Where the records below reach the line containing "import ezdxf", start transcribing, and end with the line containing "color=color, linetype=linetype, lineweight=lineweight)", exactly and with nothing else added.

= Beginning of Section =

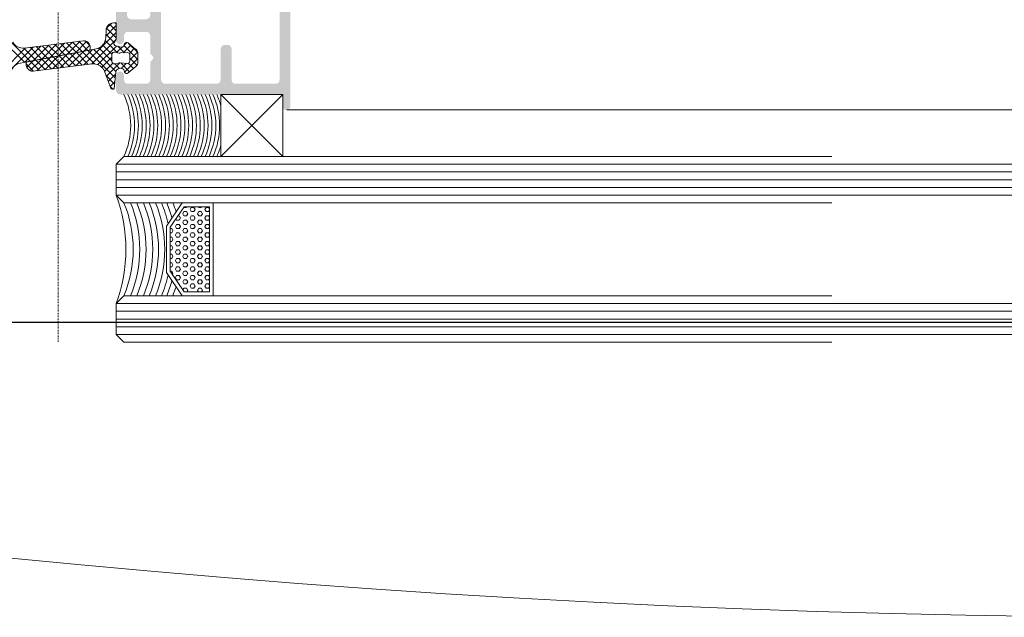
# Model space of a CAD drawing. Header units: millimetres. Extents: x -226731 to 126254, y -16359 to 60195.
# Tile 25 of 256: x -160364 to -160236, y 10462 to 10539. Entities that reach past the tile are written whole.
import ezdxf

# ---------------------------------------------------------------- set-up
doc = ezdxf.new("R2010")
doc.units = ezdxf.units.MM
doc.header["$LTSCALE"] = 0.1
doc.header["$MEASUREMENT"] = 0
doc.linetypes.add('CENTER', pattern=[2, 1.25, -0.25, 0.25, -0.25])
for name, color, linetype, lineweight in [('0_CCE_ FF_SIDE WALL SPRINKLER', 6, 'Continuous', 0), ('2_Centerline', 1, 'CENTER', 15), ('3_Hatch', 8, 'Continuous', 0), ('4. Glass', 140, 'Continuous', 15), ('SPRINKLER COVERAGE AREA', 1, 'Continuous', 9)]:
    doc.layers.add(name, color=color, linetype=linetype, lineweight=lineweight)
doc.layers.add('AREA LINE', color=3, linetype='Continuous', plot=False)
doc.layers.add('FIRE FIGHTING SERVICES', color=5, linetype='Continuous')

# ---------------------------------------------------------------- blocks, each defined once
blk = doc.blocks.new('*U431')
at = {"layer": '3_Hatch'}
h = blk.add_hatch(color=8, dxfattribs=at)
h.dxf.hatch_style = 1
h.paths.add_polyline_path([(-28.61, 57.99), (-28.61, 92.53), (-28.57, 92.71), (-28.46, 92.87), (-28.28, 92.98), (-28.1, 93.02), (-22.9, 93.02), (-22.7, 92.98), (-22.54, 92.87), (-22.44, 92.71), (-22.41, 92.53), (-22.41, 57.99), (-22.44, 57.83), (-22.54, 57.65), (-22.7, 57.54), (-22.9, 57.52), (-28.1, 57.52), (-28.28, 57.54), (-28.46, 57.65), (-28.57, 57.83)], flags=16)
h.paths.add_polyline_path([(-22.35, 38.09), (-22.41, 37.89), (-22.41, 33.9), (-22.44, 33.7), (-22.54, 33.54), (-22.7, 33.43), (-22.9, 33.41), (-28.1, 33.41), (-28.28, 33.43), (-28.46, 33.54), (-28.57, 33.7), (-28.61, 33.9), (-28.61, 55.6), (-28.57, 55.8), (-28.46, 55.96), (-28.28, 56.07), (-28.1, 56.11), (-22.9, 56.11), (-22.7, 56.07), (-22.54, 55.96), (-22.44, 55.8), (-22.41, 55.6), (-22.41, 51.61), (-22.35, 51.41), (-22.24, 51.26), (-22.1, 51.15), (-21.9, 51.12), (-21.49, 51.12), (-21.31, 51.15), (-21.15, 51.26), (-21.04, 51.41), (-21, 51.61), (-21, 55.6), (-20.95, 55.8), (-20.84, 55.96), (-20.69, 56.07), (-20.49, 56.11), (-17.36, 56.11), (-17.16, 56.07), (-16.98, 55.96), (-16.87, 55.8), (-16.85, 55.6), (-16.85, 52.5), (-16.81, 52.32), (-16.7, 52.16), (-16.54, 52.05), (-16.35, 52.01), (-13.79, 52.01), (-13.61, 51.96), (-13.45, 51.85), (-13.34, 51.7), (-13.3, 51.5), (-13.3, 33.9), (-13.34, 33.7), (-13.45, 33.54), (-13.61, 33.43), (-13.79, 33.41), (-20.49, 33.41), (-20.69, 33.43), (-20.84, 33.54), (-20.95, 33.7), (-21, 33.9), (-21, 37.89), (-21.04, 38.09), (-21.15, 38.26), (-21.31, 38.37), (-21.49, 38.4), (-21.9, 38.4), (-22.1, 38.37), (-22.24, 38.26)], flags=16)
h.paths.add_polyline_path([(-11.89, 36.23), (-12.2, 36.54), (-12.29, 36.66), (-12.29, 36.83), (-12.2, 36.96), (-11.89, 37.27), (-11.89, 39.59), (-11.85, 39.79), (-11.74, 39.96), (-11.58, 40.07), (-11.38, 40.09), (-9, 40.09), (-8.8, 40.07), (-8.65, 39.96), (-8.54, 39.79), (-8.49, 39.59), (-8.49, 38.99), (-8.42, 38.75), (-8.36, 38.68), (-8.31, 38.6), (-8.23, 38.57), (-8.16, 38.53), (-8.09, 38.49), (-8, 38.49), (-7.92, 38.49), (-7.85, 38.51), (-7.78, 38.55), (-7.7, 38.59), (-7.65, 38.64), (-7.59, 38.69), (-7.54, 38.77), (-7.5, 38.86), (-7.48, 38.99), (-7.48, 43.3), (-7.52, 43.49), (-7.63, 43.65), (-7.79, 43.76), (-8, 43.8), (-8.38, 43.8), (-8.58, 43.76), (-8.76, 43.65), (-8.84, 43.49), (-8.89, 43.3), (-8.89, 42.24), (-8.93, 42.06), (-9.04, 41.9), (-9.2, 41.79), (-9.38, 41.73), (-11.38, 41.73), (-11.58, 41.79), (-11.74, 41.9), (-11.85, 42.06), (-11.89, 42.24), (-11.89, 51.5), (-11.85, 51.7), (-11.74, 51.85), (-11.58, 51.96), (-11.38, 52.01), (-9.38, 52.01), (-9.2, 51.96), (-9.04, 51.85), (-8.93, 51.7), (-8.89, 51.5), (-8.89, 49.91), (-8.84, 49.71), (-8.76, 49.54), (-8.58, 49.43), (-8.38, 49.4), (-8, 49.4), (-7.79, 49.43), (-7.63, 49.54), (-7.52, 49.71), (-7.48, 49.91), (-7.48, 57.01), (-7.52, 57.21), (-7.63, 57.35), (-7.79, 57.46), (-8, 57.52), (-9.92, 57.52), (-10.12, 57.46), (-10.26, 57.35), (-10.37, 57.21), (-10.43, 57.01), (-10.37, 56.8), (-10.26, 56.66), (-10.12, 56.55), (-9.92, 56.51), (-9.38, 56.51), (-9.2, 56.46), (-9.04, 56.35), (-8.93, 56.2), (-8.89, 56), (-8.89, 53.91), (-8.93, 53.71), (-9.04, 53.55), (-9.2, 53.44), (-9.38, 53.4), (-14.95, 53.4), (-15.15, 53.44), (-15.29, 53.55), (-15.4, 53.71), (-15.44, 53.91), (-15.44, 56), (-15.4, 56.2), (-15.29, 56.35), (-15.15, 56.46), (-14.95, 56.51), (-14.36, 56.51), (-14.25, 56.55), (-14.16, 56.58), (-14.07, 56.64), (-14.01, 56.71), (-13.96, 56.79), (-13.94, 56.88), (-13.92, 56.97), (-13.92, 57.06), (-13.94, 57.13), (-13.96, 57.22), (-14.01, 57.3), (-14.07, 57.37), (-14.16, 57.43), (-14.25, 57.48), (-14.42, 57.52), (-20.49, 57.52), (-20.69, 57.54), (-20.84, 57.65), (-20.95, 57.83), (-21, 57.99), (-21, 92.53), (-20.95, 92.71), (-20.84, 92.87), (-20.69, 92.98), (-20.49, 93.02), (-16.5, 93.02), (-16.3, 93.06), (-16.15, 93.17), (-16.04, 93.35), (-15.99, 93.52), (-15.99, 93.92), (-16.04, 94.12), (-16.15, 94.28), (-16.3, 94.39), (-16.5, 94.41), (-29.51, 94.41), (-29.69, 94.39), (-29.85, 94.28), (-29.96, 94.12), (-30, 93.92), (-30, 30.48), (-29.96, 30.3), (-29.85, 30.13), (-29.69, 30.02), (-29.51, 30.01), (-29.3, 30.02), (-29.14, 30.13), (-29.05, 30.3), (-29.01, 30.48), (-29.01, 31.49), (-28.96, 31.69), (-28.85, 31.84), (-28.7, 31.95), (-28.5, 32), (-8, 32), (-7.79, 32.04), (-7.63, 32.15), (-7.52, 32.31), (-7.48, 32.49), (-7.48, 34.51), (-7.52, 34.69), (-7.63, 34.85), (-7.79, 34.96), (-8, 35), (-8.18, 34.96), (-8.34, 34.85), (-8.45, 34.69), (-8.49, 34.51), (-8.49, 33.9), (-8.54, 33.7), (-8.65, 33.54), (-8.8, 33.43), (-9, 33.41), (-11.38, 33.41), (-11.58, 33.43), (-11.74, 33.54), (-11.85, 33.7), (-11.89, 33.9)])
at = {"layer": '2_Centerline', "color": 8, "ltscale": 0.25}
blk.add_line((0, 230.78), (0, 0), dxfattribs=at)
at = {"layer": '3_Hatch', "color": 8, "linetype": 'Continuous'}
for p, q in [((-7.48, 41.11), (-7.34, 41.26)), ((-7.48, 40.23), (-6.62, 41.09)), ((-6.14, 39.55), (-7.48, 40.9)), ((-6.21, 40.51), (-6.93, 41.23)), ((-7.48, 39.34), (-6.23, 40.59)), ((-3.29, 35.82), (-7.48, 40.01)), ((-7.23, 38.72), (-6.15, 39.79)), ((3.62, 36.31), (7.3, 39.98)), ((-10.3, 36.52), (-8.49, 38.34)), ((-10.28, 37.43), (-9.1, 38.61)), ((-8.39, 37.39), (-9.38, 38.37)), ((-8.51, 38.39), (-8.85, 38.73)), ((-8.55, 37.4), (-7.71, 38.23)), ((-7.65, 37.4), (-6.08, 38.98)), ((-5.1, 35.87), (-7.51, 38.27)), ((-4.3, 35.94), (-7.43, 39.07)), ((-6.94, 37.23), (-5.78, 38.4)), ((-4.12, 38.28), (-3.48, 38.92)), ((-3.3, 37.59), (-4.09, 38.39)), ((-3.83, 37.69), (-2.64, 38.88)), ((-2.21, 37.39), (-3.67, 38.85)), ((-3.08, 37.55), (-1.86, 38.78)), ((-1.13, 37.19), (-2.84, 38.9)), ((-2.34, 37.42), (-1.07, 38.68)), ((-0.04, 36.99), (-1.83, 38.78)), ((-1.59, 37.28), (-0.28, 38.59)), ((-0.85, 37.14), (0.5, 38.49)), ((1.05, 36.79), (-0.82, 38.65)), ((-0.1, 37), (1.29, 38.39)), ((2.13, 36.59), (0.19, 38.53)), ((0.64, 36.86), (2.08, 38.29)), ((3.22, 36.38), (1.2, 38.4)), ((1.39, 36.72), (2.86, 38.2)), ((4.3, 36.18), (2.21, 38.28)), ((4.37, 36.17), (7.37, 39.17)), ((-9.25, 36.47), (-10.26, 37.49)), ((-9.19, 37.3), (-9.86, 37.97)), ((-7.55, 37.43), (-8.26, 38.14)), ((-7.44, 34.96), (-4.58, 37.83)), ((-7.36, 34.16), (-3.83, 37.69)), ((-6.94, 36.35), (-5.28, 38.01)), ((-4.68, 35.96), (-3.08, 37.55)), ((-2.28, 35.69), (-4.38, 37.79)), ((-3.87, 35.89), (-2.34, 37.42)), ((-1.27, 35.57), (-3.3, 37.59)), ((-3.08, 35.79), (-1.59, 37.28)), ((-2.29, 35.69), (-0.85, 37.14)), ((-0.26, 35.44), (-2.21, 37.39)), ((-1.51, 35.6), (-0.1, 37)), ((0.74, 35.32), (-1.13, 37.19)), ((1.75, 35.19), (-0.04, 36.99)), ((2.13, 36.58), (3.65, 38.1)), ((2.88, 36.45), (4.44, 38)), ((7.48, 33.88), (3.21, 38.15)), ((7.22, 35.03), (4.22, 38.03)), ((-8.57, 34.91), (-10.3, 36.65)), ((-10.17, 35.78), (-9.25, 36.69)), ((-9.71, 35.35), (-9.02, 36.04)), ((-9.23, 34.95), (-8.09, 36.08)), ((-8.16, 35.39), (-8.82, 36.04)), ((-6.21, 34.32), (-7.98, 36.09)), ((-7.91, 35.38), (-7.31, 35.98)), ((-5.97, 34.96), (-7.04, 36.04)), ((-5.64, 35.52), (-6.94, 36.81)), ((-0.72, 35.5), (0.64, 36.86)), ((0.07, 35.4), (1.39, 36.72)), ((0.86, 35.31), (2.13, 36.58)), ((2.76, 35.07), (1.05, 36.79)), ((1.64, 35.21), (2.88, 36.45)), ((3.63, 35.09), (2.13, 36.59)), ((2.43, 35.11), (3.62, 36.31)), ((4.07, 35.53), (3.22, 36.38)), ((3.22, 35.01), (4.15, 35.95)), ((-6.46, 33.68), (-7.4, 34.63)), ((-7.28, 33.35), (-6.15, 34.49)), ((-6.7, 33.04), (-7.31, 33.65)), ((-7.06, 32.7), (-6.69, 33.06)), ((-19.53, 17.26, 0.02), (-19.43, 17.43, 0.02)), ((-19.43, 16.88, 0.02), (-19.53, 17.05, 0.02)), ((-19.11, 17.43, 0.02), (-19.43, 17.43, 0.02)), ((-19.11, 16.88, 0.02), (-19.43, 16.88, 0.02)), ((-18.95, 17.16, 0.02), (-19.11, 17.43, 0.02)), ((-19.11, 16.88, 0.02), (-18.95, 17.15, 0.02)), ((-18.63, 16.6, 0.02), (-18.47, 16.88, 0.02)), ((-18.47, 16.33, 0.02), (-18.63, 16.61, 0.02)), ((-18.47, 17.43, 0.02), (-18.52, 17.51, 0.02)), ((-18.16, 17.43, 0.02), (-18.48, 17.43, 0.02)), ((-18.16, 16.88, 0.02), (-18.48, 16.88, 0.02)), ((-18.16, 17.43, 0.02), (-18.11, 17.51, 0.02)), ((-18, 16.61, 0.02), (-18.16, 16.88, 0.02)), ((-18.16, 16.33, 0.02), (-18, 16.6, 0.02)), ((-17.68, 17.15, 0.02), (-17.52, 17.43, 0.02)), ((-17.52, 16.88, 0.02), (-17.68, 17.16, 0.02)), ((-17.21, 17.43, 0.02), (-17.53, 17.43, 0.02)), ((-17.21, 16.88, 0.02), (-17.53, 16.88, 0.02)), ((-17.05, 17.16, 0.02), (-17.2, 17.43, 0.02)), ((-17.2, 16.88, 0.02), (-17.05, 17.15, 0.02)), ((-16.73, 16.6, 0.02), (-16.57, 16.88, 0.02)), ((-16.57, 16.33, 0.02), (-16.73, 16.61, 0.02)), ((-16.57, 17.43, 0.02), (-16.61, 17.51, 0.02)), ((-16.26, 17.43, 0.02), (-16.57, 17.43, 0.02)), ((-16.26, 16.88, 0.02), (-16.57, 16.88, 0.02)), ((-16.25, 17.43, 0.02), (-16.24, 17.44, 0.02)), ((-16.09, 16.61, 0.02), (-16.25, 16.88, 0.02)), ((-16.25, 16.33, 0.02), (-16.09, 16.6, 0.02)), ((-19.53, 16.16, 0.02), (-19.43, 16.33, 0.02)), ((-19.43, 15.78, 0.02), (-19.53, 15.96, 0.02)), ((-19.11, 16.33, 0.02), (-19.43, 16.33, 0.02)), ((-19.11, 15.78, 0.02), (-19.43, 15.78, 0.02)), ((-18.95, 16.06, 0.02), (-19.11, 16.33, 0.02)), ((-19.11, 15.78, 0.02), (-18.95, 16.05, 0.02)), ((-18.63, 15.5, 0.02), (-18.47, 15.78, 0.02)), ((-18.47, 15.23, 0.02), (-18.63, 15.51, 0.02)), ((-18.16, 16.33, 0.02), (-18.48, 16.33, 0.02)), ((-18.16, 15.78, 0.02), (-18.48, 15.78, 0.02)), ((-18, 15.51, 0.02), (-18.16, 15.78, 0.02)), ((-18.16, 15.23, 0.02), (-18, 15.5, 0.02)), ((-17.68, 16.05, 0.02), (-17.52, 16.33, 0.02)), ((-17.52, 15.78, 0.02), (-17.68, 16.06, 0.02)), ((-17.21, 16.33, 0.02), (-17.53, 16.33, 0.02)), ((-17.21, 15.78, 0.02), (-17.53, 15.78, 0.02)), ((-17.05, 16.06, 0.02), (-17.2, 16.33, 0.02)), ((-17.2, 15.78, 0.02), (-17.05, 16.05, 0.02)), ((-16.73, 15.5, 0.02), (-16.57, 15.78, 0.02)), ((-16.57, 15.23, 0.02), (-16.73, 15.51, 0.02)), ((-16.26, 16.33, 0.02), (-16.57, 16.33, 0.02)), ((-16.26, 15.78, 0.02), (-16.57, 15.78, 0.02)), ((-16.09, 15.51, 0.02), (-16.25, 15.78, 0.02)), ((-16.25, 15.23, 0.02), (-16.09, 15.5, 0.02)), ((-15.78, 16.05, 0.02), (-15.62, 16.33, 0.02)), ((-15.62, 15.78, 0.02), (-15.78, 16.06, 0.02)), ((-15.48, 16.33, 0.02), (-15.62, 16.33, 0.02)), ((-15.3, 15.78, 0.02), (-15.62, 15.78, 0.02)), ((-15.3, 15.78, 0.02), (-15.21, 15.93, 0.02)), ((-19.53, 15.06, 0.02), (-19.43, 15.23, 0.02)), ((-19.43, 14.68, 0.02), (-19.53, 14.86, 0.02)), ((-19.53, 13.96, 0.02), (-19.43, 14.13, 0.02)), ((-19.11, 15.23, 0.02), (-19.43, 15.23, 0.02)), ((-19.11, 14.68, 0.02), (-19.43, 14.68, 0.02)), ((-19.11, 14.13, 0.02), (-19.43, 14.13, 0.02)), ((-18.95, 14.96, 0.02), (-19.11, 15.23, 0.02)), ((-19.11, 14.68, 0.02), (-18.95, 14.95, 0.02)), ((-18.95, 13.86, 0.02), (-19.11, 14.13, 0.02)), ((-18.63, 14.4, 0.02), (-18.47, 14.68, 0.02)), ((-18.47, 14.13, 0.02), (-18.63, 14.41, 0.02)), ((-18.16, 15.23, 0.02), (-18.48, 15.23, 0.02)), ((-18.16, 14.68, 0.02), (-18.48, 14.68, 0.02)), ((-18.16, 14.13, 0.02), (-18.48, 14.13, 0.02)), ((-18, 14.41, 0.02), (-18.16, 14.68, 0.02)), ((-18.16, 14.13, 0.02), (-18, 14.4, 0.02)), ((-17.68, 14.95, 0.02), (-17.52, 15.23, 0.02)), ((-17.52, 14.68, 0.02), (-17.68, 14.96, 0.02)), ((-17.68, 13.85, 0.02), (-17.52, 14.13, 0.02)), ((-17.21, 15.23, 0.02), (-17.53, 15.23, 0.02)), ((-17.21, 14.68, 0.02), (-17.53, 14.68, 0.02)), ((-17.21, 14.13, 0.02), (-17.53, 14.13, 0.02)), ((-17.05, 14.96, 0.02), (-17.2, 15.23, 0.02)), ((-17.2, 14.68, 0.02), (-17.05, 14.95, 0.02)), ((-17.05, 13.86, 0.02), (-17.2, 14.13, 0.02)), ((-16.73, 14.4, 0.02), (-16.57, 14.68, 0.02)), ((-16.57, 14.13, 0.02), (-16.73, 14.41, 0.02)), ((-16.26, 15.23, 0.02), (-16.57, 15.23, 0.02)), ((-16.26, 14.68, 0.02), (-16.57, 14.68, 0.02)), ((-16.26, 14.13, 0.02), (-16.57, 14.13, 0.02)), ((-16.09, 14.41, 0.02), (-16.25, 14.68, 0.02)), ((-16.25, 14.13, 0.02), (-16.09, 14.4, 0.02)), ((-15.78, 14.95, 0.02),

= End of Section =

- _EXERCISE OUTPUT_
import ezdxf

# ---------------------------------------------------------------- set-up
doc = ezdxf.new("R2010")
doc.units = ezdxf.units.MM
doc.header["$LTSCALE"] = 0.1
doc.header["$MEASUREMENT"] = 0
doc.linetypes.add('CENTER', pattern=[2, 1.25, -0.25, 0.25, -0.25])
for name, color, linetype, lineweight in [('0_CCE_ FF_SIDE WALL SPRINKLER', 6, 'Continuous', 0), ('2_Centerline', 1, 'CENTER', 15), ('3_Hatch', 8, 'Continuous', 0), ('4. Glass', 140, 'Continuous', 15), ('SPRINKLER COVERAGE AREA', 1, 'Continuous', 9)]:
    doc.layers.add(name, color=color, linetype=linetype, lineweight=lineweight)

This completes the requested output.